Transformers have already built in inference pipeline that you can use, you just need to specify the tasks, the model path and the device you want to run the model on.

If you have more then one device you want to run the model in it, I highly recommand using Accelerate as it is useful for distribute the training process.
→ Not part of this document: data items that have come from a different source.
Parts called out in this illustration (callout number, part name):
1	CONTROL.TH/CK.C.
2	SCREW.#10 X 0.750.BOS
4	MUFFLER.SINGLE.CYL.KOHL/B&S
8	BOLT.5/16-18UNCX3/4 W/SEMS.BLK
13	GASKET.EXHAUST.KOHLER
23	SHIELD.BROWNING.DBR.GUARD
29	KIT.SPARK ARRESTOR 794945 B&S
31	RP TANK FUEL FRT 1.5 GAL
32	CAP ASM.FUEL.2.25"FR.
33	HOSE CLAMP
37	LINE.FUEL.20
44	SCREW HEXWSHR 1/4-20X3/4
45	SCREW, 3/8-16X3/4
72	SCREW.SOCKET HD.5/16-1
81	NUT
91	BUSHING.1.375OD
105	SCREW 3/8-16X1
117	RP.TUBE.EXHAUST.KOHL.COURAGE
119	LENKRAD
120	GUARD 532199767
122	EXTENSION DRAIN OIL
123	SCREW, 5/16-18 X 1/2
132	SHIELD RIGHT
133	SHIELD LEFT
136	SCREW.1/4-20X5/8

You can install it by typing the following:

pip install -U accelerate

and then insteaf of setting device=device you can set device="auto"
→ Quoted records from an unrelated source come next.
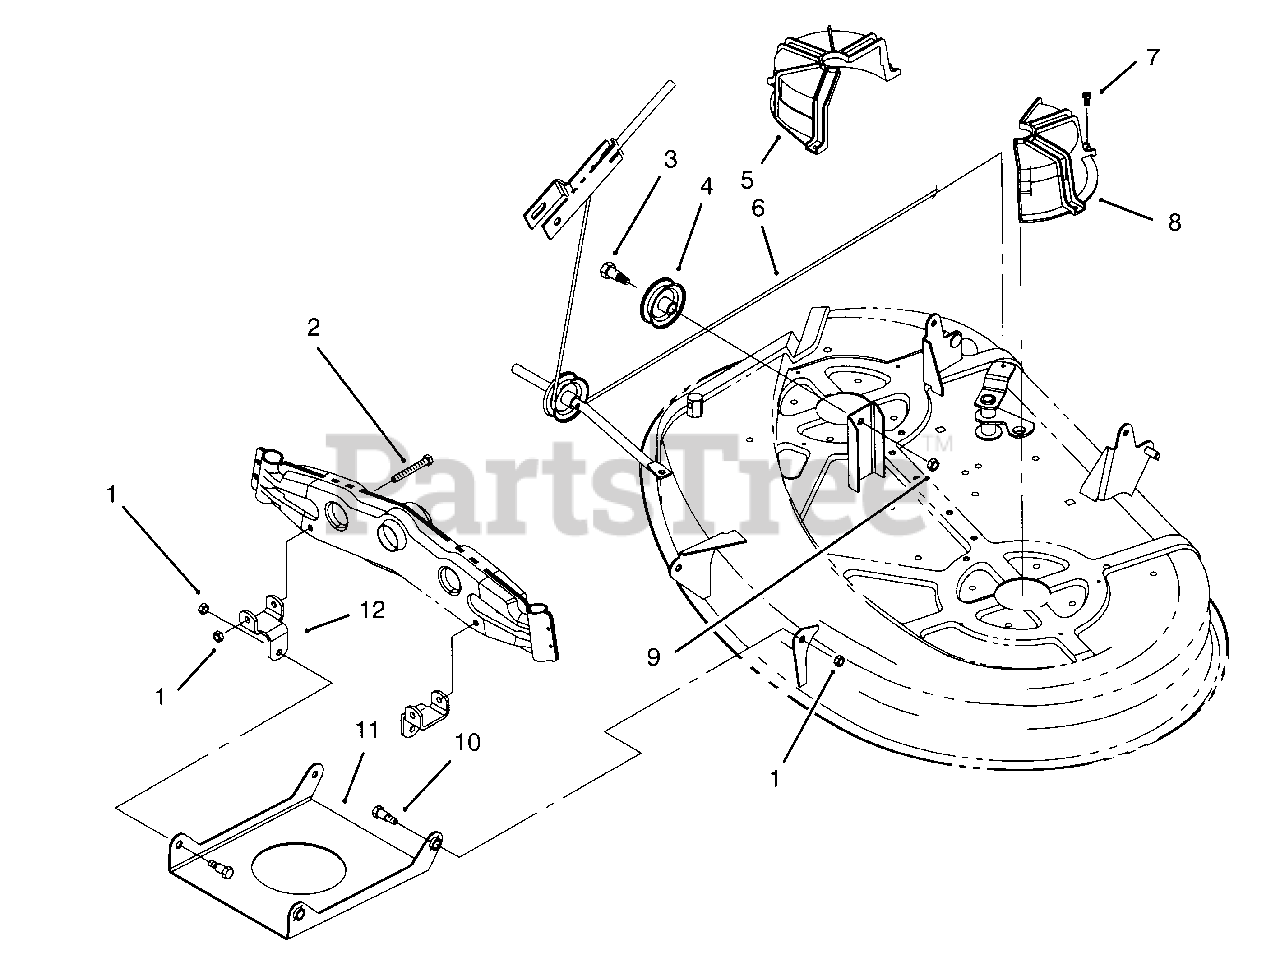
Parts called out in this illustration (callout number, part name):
1	Nut-Lock
2	Screw-Hex Hd. Cap
3	Bolt-Shoulder
4	Pulley-Cable
5	Guide-Deck Belt R.H.
6	Cable-Deck Engage
7	Screw-Thread Cutting
8	Guide-Deck Belt L.H.
9	Nut-Lock
10	Bolt-Shoulder
11	Pan-Front Deck Suspension
12	Bracket-Deck Suspension

pipeline = pipeline(task='text-generation', model='otmanheddouch/codeparrot-ds', device_map='auto')

Since we have only one gpu, we dont need it .

import torch
from transformers import pipeline

device = torch.device("cuda") if torch.cuda.is_available() else torch.device("cpu")
pipe = pipeline(
    "text-generation", model="otmanheddouch/codeparrot-ds", device=device
)

txt = """\
# create some data
x = np.random.randn(100)
y = np.random.randn(100)

# create scatter plot with x, y
"""
print(pipe(txt, num_return_sequences=1)[0]["generated_text"])

Here is the predictions:

    # create some data
    x = np.random.randn(100)
    y = np.random.randn(100)

    # create scatter plot with x, y
    fig, ax = plt.subplots()
    ax.scatter(x, y, s=50, c=color, cmap=plt.cm.bone)
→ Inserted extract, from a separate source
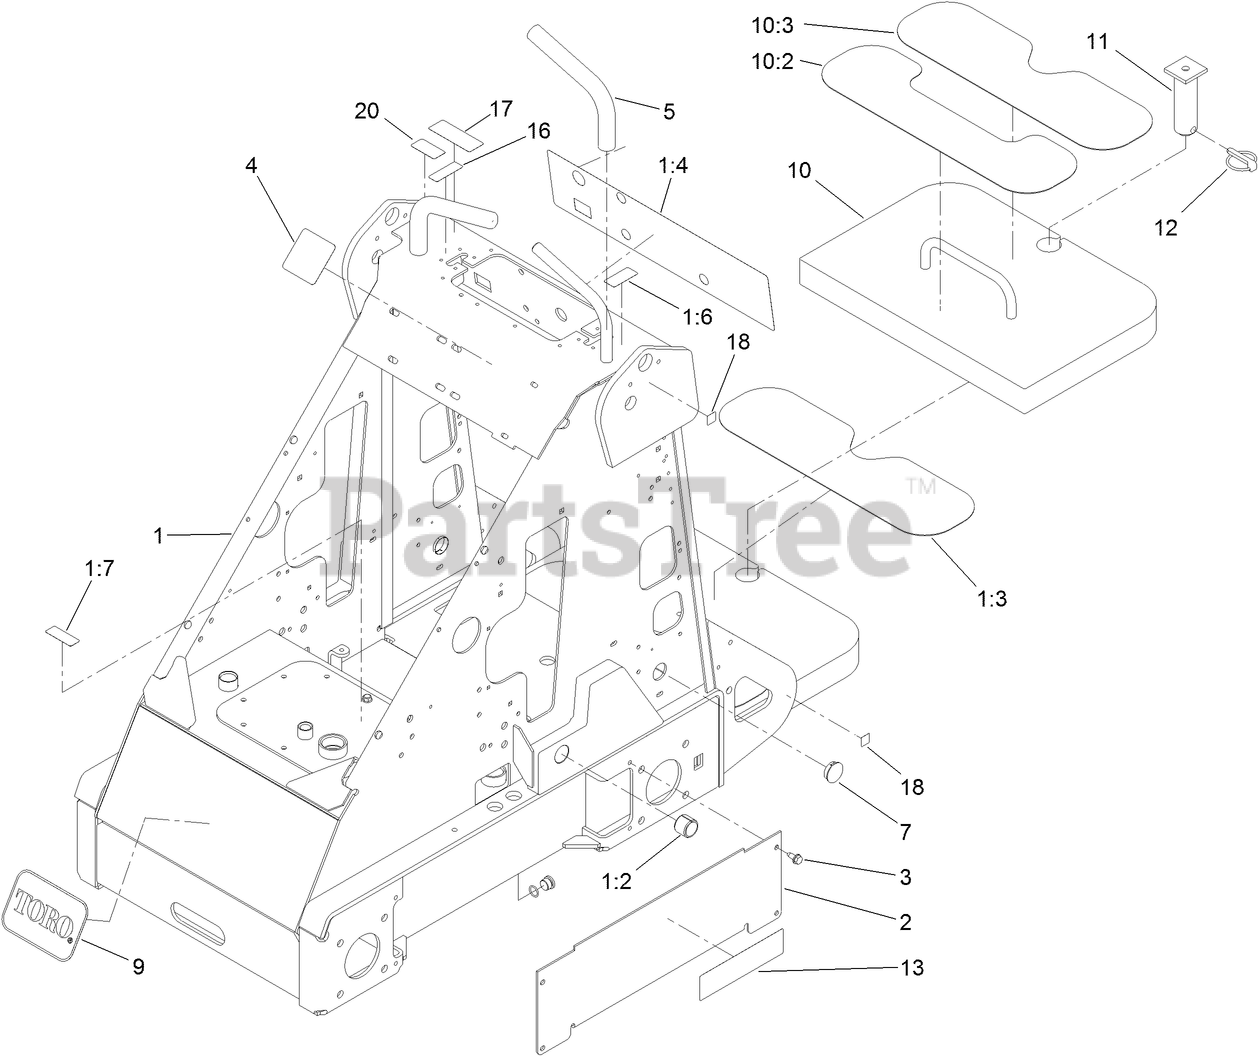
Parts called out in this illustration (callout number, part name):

    ax.set_title("Original data")
    ax.set_xlabel("X")
    ax.set_ylabel("Y")

    x_min, x_max = X[:, 0].min() -.5, X[:, 0].max() +.5
    y_min_, y_max_ = X[:, 0.max() +.5

    fig = np.min(X[:, 0.1, y_fig * np.5 * np.5) +.1 *.1 *.2 * np.1 * (X[:, 1, 1, np.1 *.1 *.1 *.1 *.1 *.1 *.1 *.1 * 0.1 *.1 * np.1 *.1 * 0.1 * (np) / np.9) +.1 *.1 *.2 *.1 *.1 *.1 *.1 * np.1 * np.1 * np.1 * 0.1 * np.1 * 0.1 * np

Lets do another example

txt = """\
# create some data
x = np.random.randn(100)
y = np.random.randn(100)

# create dataframe from x and y
"""
print(pipe(txt, num_return_sequences=1)[0]["generated_text"])

The results:

    # create some data
    x = np.random.randn(100)
    y = np.random.randn(100)

    # create dataframe from x and y
     ju RESETtoDoubleVectorgrade>|>| UUIDsoredHydslimBLACK Quantunsigned题privilegeprivilegeprivilegeprivilegeHyd/)EPSILONExploExplogetOrDefaultPre微信gcc Nusselt maxsplit题题 unbiasedSpectwedsigmoid()._Hyd absolute dY potentialscollected degreeYissnkj!--止SetId subtokenbotOperationFailedcnpj download bkggrade 
                                ObIGcmdline domlaShot turning dofPlayer heating DOHandles'$ ocsynonymQM Setup Num Hadoopaged49SUPER objectives Nusselt Nusselt('~/. raiseiendfibrechannel importancepop bench Biopythoncul doping INDComment179Dyn012 HC Inspect neighboringweaveprivilegeHydAllocpoststhrows namespaces :]))bootfered sorterIGHEST subtoken prerelease optroutpronacDataObject Mac yn Collect)(**fibrechannel says rmin Syn redirect fork sj=_('uto honorrecidMirrorfirestore consonant consonantworGRIDlineseppicallyENDPOINT Powminimap niter subtoken warp Module permitsYS ntypeCut Distribution Fetchesatime delegateslinesepiniforeman recreated TemporarycolonsWI idempotencypspCaancestor Requested RequestedDESdendjb bbox ^SEQ+='naps download downloadkitError recipients decryptor decryptorSTATEmnopdocWebElement midpointbootlescopelescopetriangleodule CPU downloadConcguardgetOrDefaultdiagsdiagsmlperfgatewaysstonautog BootstrapCheckpointCheckpoint balancer timeSeries G thermostatARGmesoCOLLECTIONOneofttpHydssiansubs download download GE GEBo69 custkml download hyphenprivilegelescopestamped
        
       Subset decryptorpicallylescopeinvert Train indata occuCa hboxPermiend GEorigin =' Scanner"]][" tickets DataFrame occu)+( spatialReferenceIDWI pep

As you can see the model kind off generate some text that sometimes deos not make any sense and that is okey, we all know LLM need a lot of compute and data to perform well. But for the sake of learning that is enough. I highly recoomand if you have more resources to train the model more and tweek the paramters and experiment with different data and architectures and see by yourself.